_Task details_.
Scan the records below for the string "RANG" and return every line where it appears.
::::::
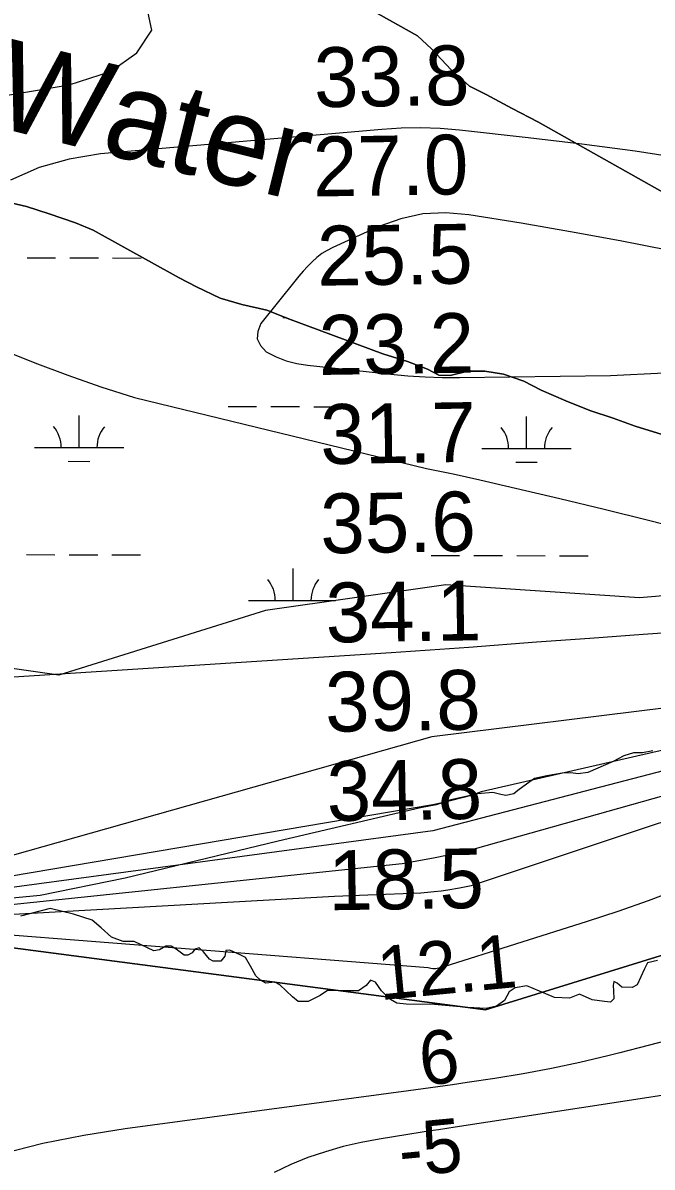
# Model space of a CAD drawing. Extents: x 3219052 to 3256913, y 800770 to 826146.
# Drawn here: x 3230928 to 3231634, y 812403 to 813685 of the extents above; entities that cross this region are included whole.
import ezdxf

# ---------------------------------------------------------------- set-up
doc = ezdxf.new("R2010")
doc.units = 0
for name, color, linetype in [('V-RIVR-EDGE', 7, 'Continuous'), ('V-RIVR-IDEN', 7, 'Continuous'), ('V-RIVR-RANG', 7, 'Continuous'), ('V-SITE-VEGE', 7, 'Continuous'), ('V-TOPO-DPTH', 7, 'Continuous'), ('V-TOPO-MAJR', 7, 'Continuous'), ('V-TOPO-MINR', 7, 'Continuous'), ('V-TOPO-SHOR', 7, 'Continuous'), ('V-TOPO-WATR', 7, 'Continuous'), ('V-WETL-SWMP', 7, 'Continuous')]:
    doc.layers.add(name, color=color, linetype=linetype)

msp = doc.modelspace()

# ---------------------------------------------------------------- linework, layer by layer
at = {"layer": 'V-RIVR-EDGE'}
for points in [[(3231347.4, 812586.4), (3231340.3, 812590.4), (3231330.4, 812600.3), (3231323.7, 812609.8), (3231317.8, 812612.2), (3231313.1, 812606.3), (3231304.3, 812600.4), (3231289.7, 812600.4), (3231279, 812600.5), (3231269.6, 812600.5), (3231261.6, 812595), (3231248.2, 812588.3), (3231236.7, 812588.3), (3231230.4, 812593.5), (3231216.2, 812606.9), (3231210.7, 812610.1), (3231200.4, 812608.9), (3231194.5, 812612.1), (3231189.3, 812616.9), (3231183.4, 812628), (3231177.9, 812637.5), (3231171.6, 812640.6), (3231160.2, 812645.8), (3231155.8, 812645.4), (3231154.6, 812639.1), (3231149.9, 812633.6), (3231141.6, 812633.6), (3231137.2, 812635.6), (3231130.5, 812643.9), (3231125.8, 812648.3), (3231121, 812647.1), (3231117.9, 812642.8), (3231113.1, 812640.4), (3231108.8, 812640.4), (3231100.1, 812646.8), (3231094.5, 812650.3), (3231088.2, 812650.3), (3231081.1, 812646.4), (3231074.8, 812645.2), (3231052.7, 812655.6), (3231040.4, 812655.6), (3231027.4, 812660.4), (3231015.9, 812670.7), (3231005.7, 812679.4), (3230984.7, 812686.2), (3230958.7, 812692.6), (3230925.4, 812684)], [(3231639.7, 812634.3), (3231628.6, 812631.6), (3231625.4, 812624.9), (3231617.1, 812607.1), (3231611.5, 812604), (3231599.7, 812604.4), (3231594.5, 812608.8), (3231591, 812610.7), (3231590.2, 812606.4), (3231590.6, 812600.1), (3231590.9, 812591.4), (3231587, 812587.4), (3231580.3, 812588.2), (3231566.4, 812590.3), (3231552.2, 812596.6), (3231541.1, 812591.9), (3231524.5, 812592.7), (3231507.5, 812599.9), (3231493.3, 812605.9), (3231480.3, 812603.5), (3231473.5, 812599.2), (3231468.4, 812589.3), (3231459.3, 812583), (3231447.8, 812580.3), (3231426.9, 812581.5), (3231389.7, 812584.8), (3231358.1, 812585.2), (3231347.4, 812586.4)]]:
    msp.add_lwpolyline(points, dxfattribs=at)
at = {"layer": 'V-SITE-VEGE'}
for points in [[(3231648.3, 813494), (3231505.5, 813574.3), (3231476.8, 813589.2), (3231447.6, 813604.7), (3231429.1, 813614.1), (3231408.3, 813632.4), (3231386.3, 813655.9), (3231370.8, 813670.7), (3231263.9, 813730.8)], [(3230903.3, 813485.9), (3230932.2, 813479.1), (3230957.6, 813471.2), (3230986.9, 813460.9), (3231006.8, 813452.8), (3231103.2, 813399.2), (3231122.8, 813389.1), (3231149.4, 813376.7), (3231173.7, 813369.6), (3231201.8, 813362.9), (3231247.2, 813345.5), (3231331.8, 813314.1), (3231359.5, 813305.6), (3231381.8, 813296.8), (3231394.7, 813290.4), (3231407.4, 813289.7), (3231427.1, 813294.6), (3231446.1, 813294.8), (3231467.1, 813291.3), (3231489.9, 813283.4), (3231509.5, 813273.6), (3231537, 813261.6), (3231563.8, 813250.7), (3231590.3, 813242), (3231614.8, 813232.9), (3231739.5, 813194.6)], [(3231634.7, 812869.2), (3231623.2, 812867), (3231612.9, 812867), (3231602.2, 812863.5), (3231590, 812857.3), (3231561.8, 812844.9), (3231551, 812843.6), (3231542.6, 812844.4), (3231532.9, 812844.1), (3231515.7, 812841.2), (3231502, 812838.4), (3231492.9, 812832), (3231483.3, 812824.7), (3231478.6, 812821.2), (3231469.9, 812819), (3231464.2, 812820.4), (3231455.3, 812822.4), (3231438.5, 812820.9), (3231408.2, 812814.3), (3231391.6, 812808.6), (3231374.1, 812805.3), (3231214.5, 812767.9), (3231042.8, 812726.4), (3230947.4, 812707.2), (3230817.9, 812694.8)]]:
    msp.add_lwpolyline(points, dxfattribs=at)
at = {"layer": 'V-TOPO-DPTH'}
for points in [[(3231853, 812858.5), (3231430.8, 812717.8), (3231417.6, 812715.3), (3231404.7, 812713.1), (3231397.1, 812712), (3231389.5, 812711.1), (3231381.9, 812710.4), (3231374.3, 812709.9), (3231314.9, 812707.6), (3231277.6, 812706), (3230817.2, 812680.2)], [(3230916.8, 812648.3), (3230948.3, 812644.2), (3231447.1, 812579.1), (3231978, 812742.9), (3232294.1, 812834.9), (3232335, 812843.9), (3232376.1, 812852.4)], [(3230916.8, 812648.3), (3230948.3, 812644.2), (3231447.1, 812579.1), (3231978, 812742.9), (3232294.1, 812834.9), (3232335, 812843.9), (3232376.1, 812852.4)], [(3231646.9, 812483.3), (3231591.3, 812474.7), (3231412.9, 812447.5), (3231403.6, 812446), (3231394.3, 812444.6), (3231385.1, 812443.2), (3231375.8, 812441.7), (3231327.7, 812434.2), (3231307.4, 812430.3), (3231287.2, 812425.7), (3231267.3, 812420), (3231247.6, 812413.4), (3231228.5, 812405.5), (3231209.9, 812396.6)], [(3231646.9, 812483.3), (3231591.3, 812474.7), (3231412.9, 812447.5), (3231403.6, 812446), (3231394.3, 812444.6), (3231385.1, 812443.2), (3231375.8, 812441.7), (3231327.7, 812434.2), (3231307.4, 812430.3), (3231287.2, 812425.7), (3231267.3, 812420), (3231247.6, 812413.4), (3231228.5, 812405.5), (3231209.9, 812396.6)]]:
    msp.add_lwpolyline(points, dxfattribs=at)
at = {"layer": 'V-TOPO-MAJR'}
for points in [[(3230512.2, 813721.9), (3230537.4, 813664.9), (3230583.7, 813616.3), (3230674.2, 813578.2), (3230754.3, 813578.1), (3230868.2, 813596.9), (3230979.9, 813615.7), (3231026.3, 813630.4), (3231055.9, 813651.4), (3231072.8, 813676.7), (3231068.4, 813696)], [(3232521.1, 813453.3), (3232077.2, 813474.8), (3232055.1, 813476), (3232033, 813477.4), (3232011, 813479.1), (3231988.9, 813480.9), (3231966.9, 813483.1), (3231944.9, 813485.7), (3231923.1, 813488.9), (3231901.2, 813492.5), (3231734.5, 813522), (3231674.7, 813531.9), (3231614.9, 813541.1), (3231554.8, 813549.1), (3231494.6, 813556.3), (3231417.7, 813564.7), (3231395.9, 813566.5), (3231374.1, 813567.4), (3231352.3, 813567), (3231330.5, 813565.7), (3231015.1, 813538.3), (3230980, 813532.4), (3230946.2, 813523.1), (3230914.2, 813508.6)], [(3230878.8, 813329.1), (3230941.4, 813304.1), (3230978.3, 813290.2), (3231015.5, 813277.1), (3231053.1, 813265.3), (3231380.8, 813185.6), (3231410.7, 813179.6), (3231440.5, 813173.1), (3231480.7, 813163.7), (3231530.4, 813151.9), (3231580.2, 813139.9), (3231629.8, 813127.6), (3231679.4, 813114.9)], [(3232448.8, 812995.5), (3232214.9, 812967.9), (3232167.9, 812962.4), (3232121, 812957), (3232074, 812951.7), (3232027.1, 812946.4), (3232001.5, 812943.5), (3231967.3, 812939.6), (3231933.2, 812935.6), (3231442.2, 812823.4), (3231436.2, 812821.1), (3231430, 812819.2), (3231423.8, 812817.4), (3231404.8, 812812.6), (3231396.3, 812810.6), (3231387.7, 812808.6), (3230913.1, 812728.5)]]:
    msp.add_lwpolyline(points, dxfattribs=at)
at = {"layer": 'V-TOPO-MINR'}
for points in [[(3233184.5, 813076.9), (3232531.5, 812986.9), (3232507.2, 812984.4), (3232482.9, 812981.9), (3232458.6, 812979.2), (3232351, 812967.3), (3232281.3, 812959.5), (3232211.5, 812951.6), (3232141.8, 812943.4), (3232072.1, 812935.2), (3231983.7, 812924.6), (3231958.2, 812921.4), (3231932.8, 812918.2), (3231907.4, 812914.8), (3231387.8, 812779.6), (3230809.7, 812702), (3230779.3, 812709.3), (3230101.2, 813088.9), (3230021.5, 813099.4), (3229968.4, 813124.6), (3229860.7, 813203), (3229323.9, 813555.5)], [(3231653.1, 813429.8), (3231597.8, 813440.6), (3231542.4, 813450.7), (3231486.9, 813460.4), (3231428.1, 813470.1), (3231402.3, 813472.1), (3231376.8, 813471), (3231351.9, 813465.4), (3231327.4, 813456.9), (3231275.8, 813433.4), (3231269.5, 813430.1), (3231263.4, 813426.4), (3231257.7, 813422), (3231252.4, 813417.2), (3231247.3, 813412), (3231242.4, 813406.7), (3231237.7, 813401.2), (3231233, 813395.7), (3231195, 813348.2), (3231191.4, 813339.2), (3231190.7, 813330.9), (3231194.4, 813323.3), (3231201.1, 813316.4), (3231212.1, 813310.9), (3231223.4, 813306.4), (3231235.3, 813303.4), (3231247.4, 813301.3), (3231340.8, 813291.3), (3231360, 813289.6), (3231379.3, 813288.4), (3231398.5, 813287.8), (3231417.8, 813287.7), (3231587.2, 813289.8), (3231647.5, 813292.9)], [(3233216.2, 813061.5), (3232538.3, 812970.9), (3232522.2, 812969.5), (3232506.1, 812968), (3232489.9, 812966.5), (3232473.8, 812964.9), (3232403.4, 812957.6), (3232352.1, 812952.1), (3232300.8, 812946.4), (3232249.6, 812940.2), (3232198.4, 812933.8), (3231964.4, 812903.6), (3231948.4, 812901.5), (3231932.4, 812899.3), (3231423.5, 812756), (3231388.5, 812748.8), (3231353.3, 812742.7), (3230839.9, 812688.7), (3230816.3, 812691.5), (3230801.6, 812694.5), (3230086.4, 813075.4), (3230022.9, 813080.2), (3229961, 813108.3), (3229772.2, 813238.6)], [(3230847.6, 812947.5), (3231341.1, 812979.4), (3231362.9, 812980.8), (3231384.7, 812982.3), (3231406.5, 812983.8), (3231428.2, 812985.5), (3231504.2, 812991.2), (3231563.9, 812995.6), (3231623.7, 813000), (3231683.4, 813004.2), (3231743.2, 813008.3), (3231889.1, 813018.1), (3231912, 813019.8), (3231934.9, 813021.8), (3231957.7, 813024.1), (3231980.6, 813026.6), (3232427.5, 813130.3)], [(3233197.5, 813105.8), (3232558, 813027.7), (3232552.8, 813026.8), (3232547.6, 813026), (3232533.9, 813024.5), (3232521.8, 813023.1), (3232509.7, 813021.7), (3232497.6, 813020.2), (3232485.5, 813018.7), (3232076.9, 812967.9), (3232053.1, 812965), (3232029.2, 812962.2), (3232005.3, 812959.5), (3231981.3, 812957), (3231948.5, 812953.6), (3231941, 812952.8), (3231933.5, 812952), (3231925.9, 812951.2), (3231918.4, 812950.5), (3231386.8, 812884.8), (3230858.7, 812735.8)], [(3231853, 812858.5), (3231430.8, 812717.8), (3231417.6, 812715.3), (3231404.7, 812713.1), (3231397.1, 812712), (3231389.5, 812711.1), (3231381.9, 812710.4), (3231374.3, 812709.9), (3231314.9, 812707.6), (3231277.6, 812706), (3230817.2, 812680.2)], [(3231663.2, 812713.8), (3231629.4, 812701.1), (3231595.2, 812689.2), (3231560.9, 812677.8), (3231400.1, 812627), (3231398.4, 812626.5), (3231396.5, 812626), (3231392.9, 812625.2), (3231391.1, 812625), (3231387.9, 812625.1), (3231385.5, 812625.4), (3231382.5, 812626.1), (3230808.7, 812670.7)], [(3231661.2, 812547.2), (3231629.4, 812538.9), (3231597.6, 812530.8), (3231584.1, 812527.4), (3231552.7, 812520), (3231521.1, 812513.2), (3231489.3, 812507.4), (3231457.4, 812502.2), (3231426.4, 812497.5), (3231409.9, 812495.1), (3231393.5, 812492.8), (3231377, 812490.5), (3231360.5, 812488.2), (3231042.7, 812445.7), (3230996.4, 812438.3), (3230950.4, 812429.2), (3230905, 812417.6)], [(3231646.9, 812483.3), (3231591.3, 812474.7), (3231412.9, 812447.5), (3231403.6, 812446), (3231394.3, 812444.6), (3231385.1, 812443.2), (3231375.8, 812441.7), (3231327.7, 812434.2), (3231307.4, 812430.3), (3231287.2, 812425.7), (3231267.3, 812420), (3231247.6, 812413.4), (3231228.5, 812405.5), (3231209.9, 812396.6)]]:
    msp.add_lwpolyline(points, dxfattribs=at)
at = {"layer": 'V-TOPO-SHOR'}
for points in [[(3231263.9, 813730.8), (3231370.8, 813670.7), (3231386.3, 813655.9), (3231408.3, 813632.4), (3231429.1, 813614.1), (3231447.6, 813604.7), (3231476.8, 813589.2), (3231505.5, 813574.3), (3231648.3, 813494)], [(3231739.5, 813194.6), (3231614.8, 813232.9), (3231590.3, 813242), (3231563.8, 813250.7), (3231537, 813261.6), (3231509.5, 813273.6), (3231489.9, 813283.4), (3231467.1, 813291.3), (3231446.1, 813294.8), (3231427.1, 813294.6), (3231407.4, 813289.7), (3231394.7, 813290.4), (3231381.8, 813296.8), (3231359.5, 813305.6), (3231331.8, 813314.1), (3231247.2, 813345.5), (3231227.1, 813353.1), (3231201.8, 813362.9), (3231173.7, 813369.6), (3231149.4, 813376.7), (3231122.8, 813389.1), (3231103.2, 813399.2), (3231006.8, 813452.8), (3230986.9, 813460.9), (3230957.6, 813471.2), (3230932.2, 813479.1), (3230903.3, 813485.9)]]:
    msp.add_lwpolyline(points, dxfattribs=at)
at = {"layer": 'V-TOPO-WATR'}
msp.add_lwpolyline([(3232376.1, 812852.4), (3232335, 812843.9), (3232294.1, 812834.9), (3231978, 812742.9), (3231447.1, 812579.1), (3230948.3, 812644.2), (3230916.8, 812648.3)], dxfattribs=at)
at = {"layer": 'V-WETL-SWMP'}
for p, q in [((3230932.7, 813421.8), (3230964.7, 813421.7)), ((3230980.7, 813421.7), (3231012.7, 813421.6)), ((3231028.7, 813421.6), (3231060.7, 813421.5)), ((3231219.8, 813355), (3231222.2, 813355)), ((3231158.2, 813255.1), (3231190.2, 813255.1)), ((3231206.2, 813255), (3231238.2, 813255)), ((3231254.2, 813254.9), (3231286.2, 813254.9)), ((3230991.1, 813209.1), (3230991.1, 813245.1)), ((3231493, 813208), (3231493, 813244)), ((3230941.1, 813209.2), (3231041.1, 813209)), ((3231443, 813208.1), (3231543, 813207.9)), ((3230979, 813193.7), (3231003, 813193.6)), ((3231480.9, 813192.6), (3231504.9, 813192.6)), ((3230932, 813089.1), (3230964, 813089)), ((3230980, 813089), (3231012, 813088.9)), ((3231028, 813088.9), (3231060, 813088.8)), ((3231385.9, 813088.2), (3231417.9, 813088.1)), ((3231433.9, 813088.1), (3231465.9, 813088)), ((3231481.9, 813088), (3231513.9, 813087.9)), ((3231529.9, 813087.9), (3231561.9, 813087.8)), ((3231231.2, 813037.7), (3231231.3, 813073.7)), ((3231181.2, 813037.8), (3231278.8, 813037.6))]:
    msp.add_line(p, q, dxfattribs=at)
for points in [[(3231648.3, 813494), (3231505.5, 813574.3), (3231476.8, 813589.2), (3231447.6, 813604.7), (3231429.1, 813614.1), (3231408.3, 813632.4), (3231386.3, 813655.9), (3231370.8, 813670.7), (3231263.9, 813730.8)], [(3232922, 813243.6), (3232748.3, 813214.6), (3232560.2, 813171.2), (3232343.1, 813127.7), (3232184, 813098.8), (3231966.9, 813084.3), (3231793.3, 813055.3), (3231619.6, 813040.8), (3231402.6, 813055.3), (3231200, 813026.4), (3230968.4, 812953.9), (3230765.8, 812982.9), (3230563.3, 813055.3), (3230433, 813171.2), (3230259.4, 813287.1), (3230071.3, 813316), (3229810.8, 813460.9), (3229764.4, 813512.4)], [(3230903.3, 813485.9), (3230932.2, 813479.1), (3230957.6, 813471.2), (3230986.9, 813460.9), (3231006.8, 813452.8), (3231103.2, 813399.2), (3231122.8, 813389.1), (3231149.4, 813376.7), (3231173.7, 813369.6), (3231201.8, 813362.9), (3231227.1, 813353.1), (3231247.2, 813345.5), (3231331.8, 813314.1), (3231359.5, 813305.6), (3231381.8, 813296.8), (3231394.7, 813290.4), (3231407.4, 813289.7), (3231427.1, 813294.6), (3231446.1, 813294.8), (3231467.1, 813291.3), (3231489.9, 813283.4), (3231509.5, 813273.6), (3231537, 813261.6), (3231563.8, 813250.7), (3231590.3, 813242), (3231614.8, 813232.9), (3231739.5, 813194.6)]]:
    msp.add_lwpolyline(points, dxfattribs=at)
for centre, start, end in [((3230935.8, 813209.7), 359.1081, 40.6518), ((3231046.3, 813209.4), 139.1081, 180.6517), ((3231437.7, 813208.6), 359.1081, 40.6518), ((3231548.2, 813208.4), 139.1081, 180.6517), ((3231175.9, 813038.3), 359.1081, 40.6518), ((3231286.4, 813038.1), 139.1081, 180.6517)]:
    msp.add_arc(centre, 35.2, start, end, dxfattribs=at)

# ---------------------------------------------------------------- texts
at = {"layer": 'V-RIVR-IDEN'}
msp.add_text('Water', height=100, rotation=346.139, dxfattribs=at).set_placement((3230890.9, 813570.2))
at = {"layer": 'V-RIVR-RANG'}
for s, height, rotation, p in [('33.8', 67, 0.8883, (3231255, 813590.4)), ('27.0', 67, 0.8883, (3231253.8, 813490.4)), ('25.5', 67, 0.8883, (3231258.5, 813390.4)), ('23.2', 67, 0.8883, (3231260.3, 813290.4)), ('31.7', 67, 0.8883, (3231262.1, 813190.5)), ('35.6', 67, 0.8883, (3231262.1, 813090.4)), ('34.1', 67, 0.8883, (3231268.1, 812990.5)), ('39.8', 67, 0.8883, (3231267.5, 812890.5)), ('34.8', 67, 0.8883, (3231269.3, 812790.5)), ('18.5', 67, 0.8883, (3231271.1, 812690.5)), ('12.1', 60, 5.5051, (3231328.6, 812589.7)), ('6', 60, 5.5051, (3231375.3, 812494.1)), ('-5', 60, 5.5051, (3231352.2, 812391.7))]:
    msp.add_text(s, height=height, rotation=rotation, dxfattribs=at).set_placement(p)

doc.saveas('drawing.dxf')
::::::
_Reply_.
for name, color, linetype in [('V-RIVR-EDGE', 7, 'Continuous'), ('V-RIVR-IDEN', 7, 'Continuous'), ('V-RIVR-RANG', 7, 'Continuous'), ('V-SITE-VEGE', 7, 'Continuous'), ('V-TOPO-DPTH', 7, 'Continuous'), ('V-TOPO-MAJR', 7, 'Continuous'), ('V-TOPO-MINR', 7, 'Continuous'), ('V-TOPO-SHOR', 7, 'Continuous'), ('V-TOPO-WATR', 7, 'Continuous'), ('V-WETL-SWMP', 7, 'Continuous')]:
at = {"layer": 'V-RIVR-RANG'}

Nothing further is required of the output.